A farmer with 8000 meters of fencing wants to enclose a rectangular plot that borders on a river. If the farmer does not fence the side along the river, what is the largest area that can be enclosed?

No, make the river one of the side, fence the other three sides.

Area= LW
8000=2W+L
or L=8000-2W
Area= W(8000-2W)= 8000w-2W^2

You can find the max several ways, graphing is simple. IF you get stuck, repost.

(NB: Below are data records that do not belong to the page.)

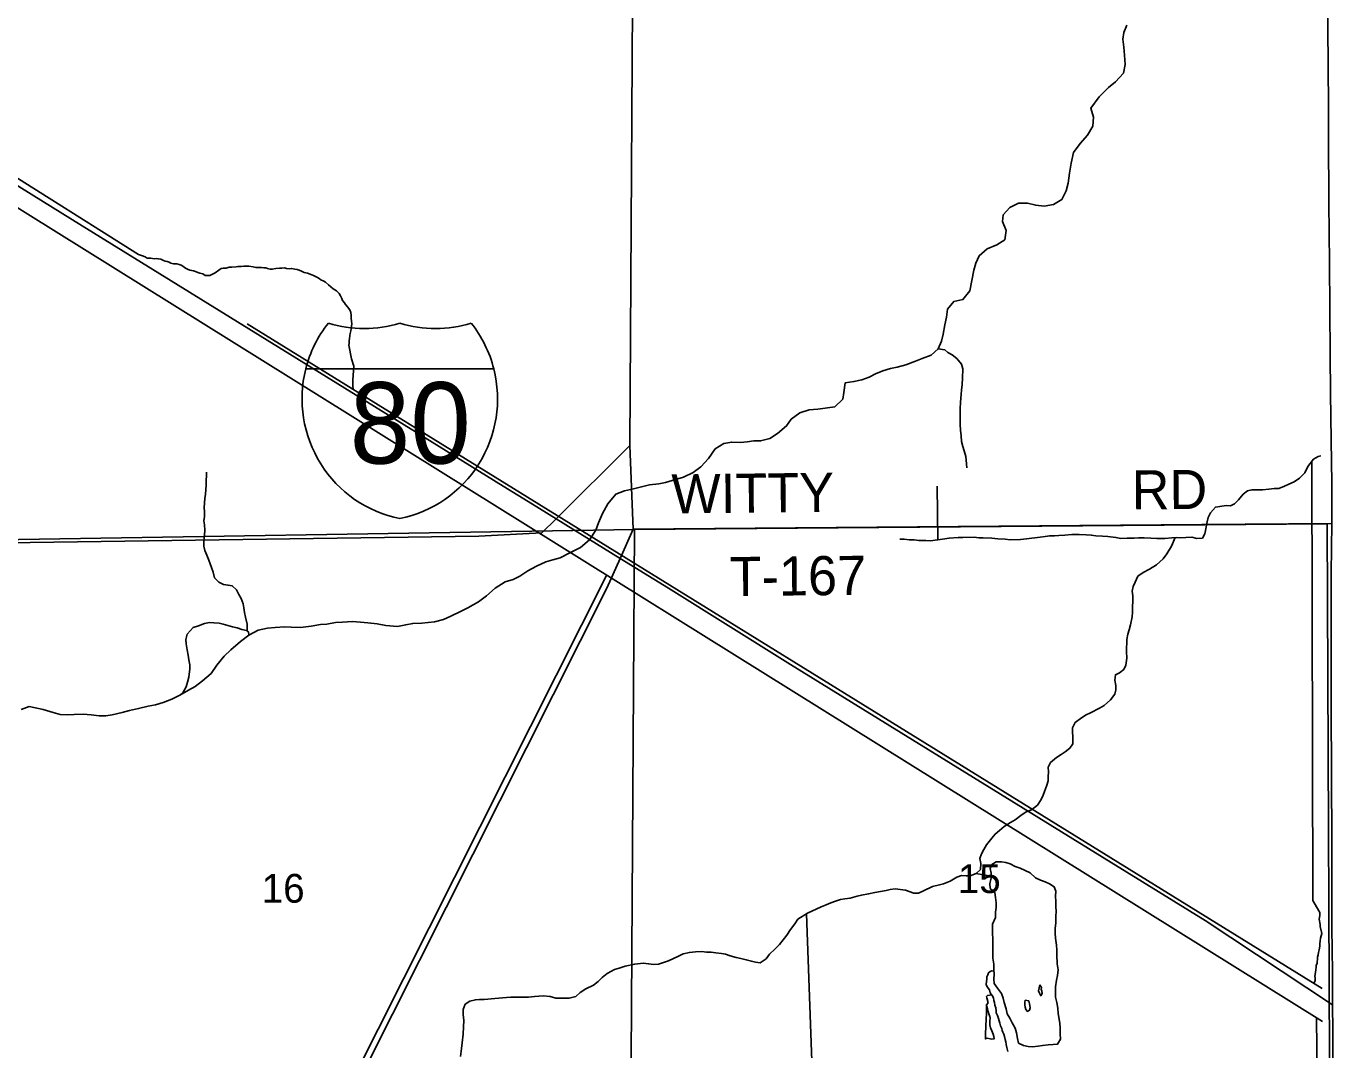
# Model space of a CAD drawing. Extents: x 1588073 to 2013523, y 1090242 to 1357120.
# Drawn here: x 1728558 to 1738590, y 1267246 to 1275104 of the extents above; entities that cross this region are included whole.
import ezdxf

# ---------------------------------------------------------------- set-up
doc = ezdxf.new("R2010")
doc.units = 0
for name, color, linetype in [('GM_X_Adjacent_County', 7, 'Continuous'), ('GM_X_County', 7, 'Continuous'), ('GM_X_County_Road', 7, 'Continuous'), ('GM_X_Interstate_Location', 7, 'Continuous'), ('GM_X_Interstate_Route', 7, 'Continuous'), ('GM_X_Interstate_Shield', 7, 'Continuous'), ('GM_X_Major_River', 7, 'Continuous'), ('GM_X_Minor_Lake', 7, 'Continuous'), ('GM_X_Minor_River', 7, 'Continuous'), ('GM_X_Section', 7, 'Continuous'), ('GM_X_Section_Text', 7, 'Continuous'), ('GM_X_Township', 7, 'Continuous'), ('GM_X_Township_Road', 7, 'Continuous'), ('GM_X_Township_Road_Text', 7, 'Continuous')]:
    doc.layers.add(name, color=color, linetype=linetype)

msp = doc.modelspace()

# ---------------------------------------------------------------- linework, layer by layer
at = {"layer": 'GM_X_Adjacent_County'}
msp.add_lwpolyline([(1738550, 1275274), (1738551, 1275094), (1738555, 1274798), (1738556, 1274485), (1738557, 1274256), (1738559, 1273747), (1738563, 1273288), (1738570, 1272581), (1738571, 1272286), (1738576, 1271925), (1738583, 1271596), (1738583, 1271286), (1738578, 1270907), (1738576, 1270281), (1738577, 1269874), (1738581, 1268839), (1738583, 1268494), (1738583, 1268182), (1738587, 1267846), (1738587, 1267761), (1738587, 1267676), (1738587, 1267593), (1738589, 1267394), (1738590, 1267179)], dxfattribs=at)
at = {"layer": 'GM_X_County'}
msp.add_lwpolyline([(1738550, 1275274), (1738551, 1275094), (1738555, 1274798), (1738556, 1274485), (1738557, 1274256), (1738559, 1273747), (1738563, 1273288), (1738570, 1272581), (1738571, 1272286), (1738576, 1271925), (1738583, 1271596), (1738583, 1271286), (1738578, 1270907), (1738576, 1270281), (1738577, 1269874), (1738581, 1268839), (1738583, 1268494), (1738583, 1268182), (1738587, 1267846), (1738587, 1267761), (1738587, 1267676), (1738587, 1267593), (1738589, 1267394), (1738590, 1267179)], dxfattribs=at)
at = {"layer": 'GM_X_County_Road'}
for points in [[(1738583, 1271286), (1738583, 1271596), (1738576, 1271925), (1738571, 1272286), (1738570, 1272581), (1738563, 1273288), (1738559, 1273747), (1738557, 1274256), (1738556, 1274485), (1738555, 1274798), (1738551, 1275094), (1738550, 1275274), (1738545, 1275652), (1738544, 1275816), (1738542, 1275964), (1738541, 1276144), (1738537, 1276358), (1738534, 1276572), (1738534, 1276592)], [(1730572, 1262010), (1730565, 1263302), (1730549, 1265887), (1733017, 1270791), (1733118, 1271018), (1733219, 1271243), (1733193, 1271885), (1733222, 1276540)], [(1738590, 1267179), (1738589, 1267394), (1738587, 1267593), (1738587, 1267676), (1738587, 1267761), (1738587, 1267846), (1738583, 1268182), (1738583, 1268494), (1738581, 1268839), (1738577, 1269874), (1738576, 1270281), (1738578, 1270907), (1738583, 1271286)]]:
    msp.add_lwpolyline(points, dxfattribs=at)
at = {"layer": 'GM_X_Interstate_Route'}
msp.add_lwpolyline([(1724225, 1276479), (1725529, 1275710), (1726922, 1274850), (1727192, 1274684), (1727551, 1274461), (1727819, 1274295), (1727885, 1274253), (1728987, 1273572), (1731547, 1271991), (1732220, 1271572), (1732446, 1271435), (1732627, 1271323), (1733118, 1271018), (1733490, 1270790), (1734426, 1270205), (1736889, 1268684), (1737609, 1268240), (1738587, 1267593)], dxfattribs=at)
at = {"layer": 'GM_X_Interstate_Shield'}
for p, q in [((1730706, 1272473), (1732148, 1272473)), ((1732148, 1272473), (1730706, 1272473)), ((1732148, 1272473), (1730706, 1272473))]:
    msp.add_line(p, q, dxfattribs=at)
for centre, start, end in [((1731614, 1272243), 141.669, 165.8066), ((1731153, 1273721), 253.0091, 286.9909), ((1731701, 1273721), 253.0091, 286.9909), ((1731239, 1272243), 14.1934, 38.331), ((1731614, 1272243), 165.8066, 258.463), ((1731239, 1272243), 281.537, 14.1934)]:
    msp.add_arc(centre, 938, start, end, dxfattribs=at)
at = {"layer": 'GM_X_Major_River'}
for points in [[(1737009, 1275112), (1736984, 1275054), (1736978, 1275004), (1736984, 1274942), (1736991, 1274882), (1736995, 1274810), (1736982, 1274742), (1736920, 1274676), (1736868, 1274634), (1736797, 1274560), (1736732, 1274474), (1736752, 1274404), (1736746, 1274336), (1736705, 1274268), (1736649, 1274202), (1736598, 1274133), (1736580, 1274052), (1736567, 1273974), (1736557, 1273898), (1736542, 1273840), (1736510, 1273772), (1736445, 1273735), (1736373, 1273723), (1736309, 1273729), (1736245, 1273746), (1736177, 1273746), (1736111, 1273712), (1736058, 1273655), (1736054, 1273605), (1736082, 1273534), (1736071, 1273464), (1736011, 1273424), (1735937, 1273395), (1735874, 1273341), (1735850, 1273285), (1735833, 1273231), (1735819, 1273151), (1735802, 1273073), (1735750, 1273005), (1735680, 1272989), (1735631, 1272932), (1735625, 1272869), (1735610, 1272811), (1735598, 1272739), (1735586, 1272687), (1735559, 1272627), (1735505, 1272578), (1735437, 1272554), (1735386, 1272532), (1735312, 1272505), (1735246, 1272487), (1735194, 1272475), (1735136, 1272457), (1735079, 1272434), (1735029, 1272410), (1734975, 1272388), (1734913, 1272375), (1734847, 1272367), (1734836, 1272293), (1734828, 1272241), (1734767, 1272183), (1734637, 1272164), (1734569, 1272158), (1734499, 1272137), (1734432, 1272087), (1734396, 1272035), (1734327, 1271977), (1734267, 1271939), (1734197, 1271920), (1734145, 1271920), (1734093, 1271914), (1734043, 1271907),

Thanks. I'm still confused though. I'm not sure how you got
Area= W(8000-2W)= 8000w-2W^2

What happened to the L

Do I need a system of equations?

Sorry, this has got me stumped.

It is a quadratic.
Let y= 8000x-2x^2

graph y vs X on your graphing calc, notice where the max is on x

Second method. The parabola goes up to a max then down. Find the intercepts for y=0, those will be symettrical to the parabolic axis, so look for where the midpoint of the intercepts are.
y=x(8000-2x)
intercepts x=0 , x=4000, so the max will be at x (or width 2000).
then solve for L (8000-2W).
Third method:
Calculus (in a few years you will master this, just watch now)
Area= 8000x-2x^2
d Area/dx=0= 8000-4x
solve for x, x=2000 at max.

Ok, thanks so much for your explanations.

So, is the max area 8,000,000?

can you help me with this homework please

What don't you understand?